Like Terry up a bit, just parking up in some remote place, frying up a steak, having a drink watching the sun go down with only the mossies for company... oh and the missus. Heaven.

----------


## Mr Earl

The much more practical and cheaper option is to use a big tent for your camping. That way you can fit every into a small pickup truck. It's a little more work but hey that's part of the camping fun, yeah!

RV's man, very expensive and basically it's a rolling toilet.

----------


## pseudolus

> The much more practical and cheaper option is to use a big tent for your camping.

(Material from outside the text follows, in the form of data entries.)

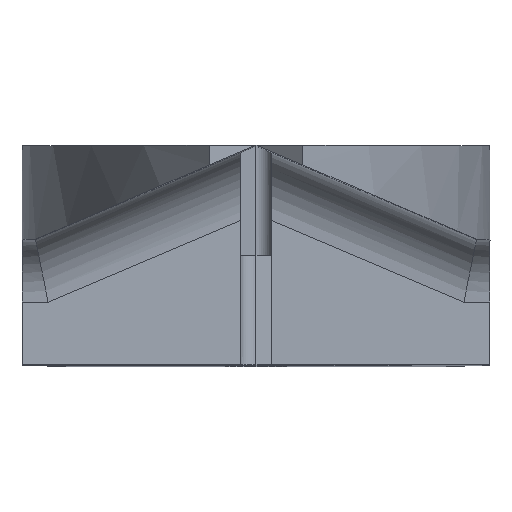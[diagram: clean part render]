
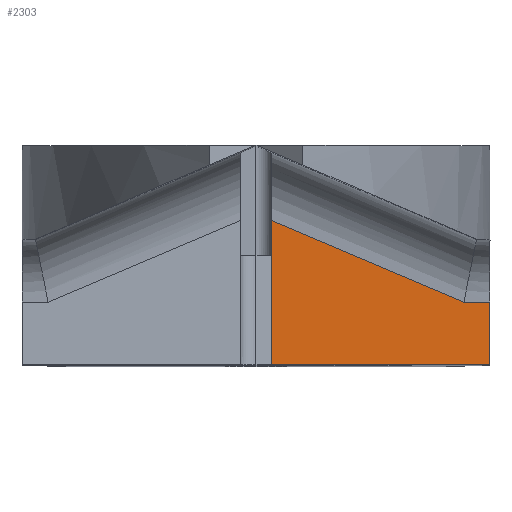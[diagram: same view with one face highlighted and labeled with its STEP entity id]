
A CAD part, top view. The second image highlights one B-rep face of the part: STEP entity #2303.
In plain terms, the highlighted planar face has unit normal (0, 0, 1).
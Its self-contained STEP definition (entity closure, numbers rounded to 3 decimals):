
#86 = EDGE_CURVE ( 'NONE', #422, #2488, #2055, .T. ) ;
#145 = CARTESIAN_POINT ( 'NONE',  ( 0.5, 0., 11. ) ) ;
#330 = LINE ( 'NONE', #882, #2828 ) ;
#357 = DIRECTION ( 'NONE',  ( 0.921, -0.391, 0. ) ) ;
#422 = VERTEX_POINT ( 'NONE', #2800 ) ;
#425 = EDGE_CURVE ( 'NONE', #1073, #823, #330, .T. ) ;
#428 = ORIENTED_EDGE ( 'NONE', *, *, #861, .F. ) ;
#453 = DIRECTION ( 'NONE',  ( -1., 0., 0. ) ) ;
#530 = CARTESIAN_POINT ( 'NONE',  ( 0.5, 4.615, 11. ) ) ;
#545 = CARTESIAN_POINT ( 'NONE',  ( 0.5, 0., 11. ) ) ;
#625 = DIRECTION ( 'NONE',  ( 0., 0., 1. ) ) ;
#663 = FACE_OUTER_BOUND ( 'NONE', #906, .T. ) ;
#687 = CARTESIAN_POINT ( 'NONE',  ( 6.661, 2., 11. ) ) ;
#823 = VERTEX_POINT ( 'NONE', #687 ) ;
#861 = EDGE_CURVE ( 'NONE', #2488, #1364, #2623, .T. ) ;
#882 = CARTESIAN_POINT ( 'NONE',  ( 3.19, 3.473, 11. ) ) ;
#906 = EDGE_LOOP ( 'NONE', ( #428, #1559, #2279, #2750, #2414 ) ) ;
#992 = CARTESIAN_POINT ( 'NONE',  ( 7.5, 3.5, 11. ) ) ;
#1073 = VERTEX_POINT ( 'NONE', #530 ) ;
#1117 = PLANE ( 'NONE',  #1267 ) ;
#1267 = AXIS2_PLACEMENT_3D ( 'NONE', #145, #625, #2334 ) ;
#1364 = VERTEX_POINT ( 'NONE', #545 ) ;
#1460 = EDGE_CURVE ( 'NONE', #422, #823, #1804, .T. ) ;
#1559 = ORIENTED_EDGE ( 'NONE', *, *, #86, .F. ) ;
#1695 = CARTESIAN_POINT ( 'NONE',  ( 3.979, 0., 11. ) ) ;
#1804 = LINE ( 'NONE', #1961, #2937 ) ;
#1883 = VECTOR ( 'NONE', #2273, 1000. ) ;
#1887 = VECTOR ( 'NONE', #1959, 1000. ) ;
#1889 = EDGE_CURVE ( 'NONE', #1364, #1073, #2930, .T. ) ;
#1959 = DIRECTION ( 'NONE',  ( -1., 0., 0. ) ) ;
#1961 = CARTESIAN_POINT ( 'NONE',  ( 4., 2., 11. ) ) ;
#1966 = DIRECTION ( 'NONE',  ( 0., 1., 0. ) ) ;
#2055 = LINE ( 'NONE', #992, #1883 ) ;
#2273 = DIRECTION ( 'NONE',  ( 0., -1., 0. ) ) ;
#2279 = ORIENTED_EDGE ( 'NONE', *, *, #1460, .T. ) ;
#2303 = ADVANCED_FACE ( 'NONE', ( #663 ), #1117, .T. ) ;
#2309 = VECTOR ( 'NONE', #1966, 1000. ) ;
#2334 = DIRECTION ( 'NONE',  ( 1., 0., 0. ) ) ;
#2414 = ORIENTED_EDGE ( 'NONE', *, *, #1889, .F. ) ;
#2488 = VERTEX_POINT ( 'NONE', #3078 ) ;
#2568 = CARTESIAN_POINT ( 'NONE',  ( 0.5, 3.5, 11. ) ) ;
#2623 = LINE ( 'NONE', #1695, #1887 ) ;
#2750 = ORIENTED_EDGE ( 'NONE', *, *, #425, .F. ) ;
#2800 = CARTESIAN_POINT ( 'NONE',  ( 7.5, 2., 11. ) ) ;
#2828 = VECTOR ( 'NONE', #357, 1000. ) ;
#2930 = LINE ( 'NONE', #2568, #2309 ) ;
#2937 = VECTOR ( 'NONE', #453, 1000. ) ;
#3078 = CARTESIAN_POINT ( 'NONE',  ( 7.5, 0., 11. ) ) ;

Would have to be pretty sturdy to prevent one of the dogs legging it......I explored this initially. Also the lack of aircon would piss me off. I'm not so concerned about the cash. But the very valid point of where I could go does concern me. Would park up anywhere, but thinking about it, Thailands not exactly set up for parking anywhere I guess.

----------


## pseudolus

Say up in Chiang Rai - in the hills and lakes, anyone know of places to park up? Some of the islands not so bad, Koh Chang lots of places to tuck away for example. Chiang Mai has some camp sites, not in parks. Down south, on the road to and past Hua Hin? Around route 4 by Khoa Lak, bound to be places there on that huge stretch of beach to park up. Worst that happens is you end up sleeping in PTT gas station and spending the days at the beach? 

Possibilities endless but also it seems severely limited.

----------


## thaimeme

> Why do you need 3 dogs ? For security ?
> 
> I'd have thought the idea of a holiday was to get away from walking dogs/clearing up of piles of shit .
> 
> Don't you have an in-law that can stay in your house and take care of them ?


For the life of me, can't understand how some allow their lives to become dependent and restricted [in general] because of their dogs.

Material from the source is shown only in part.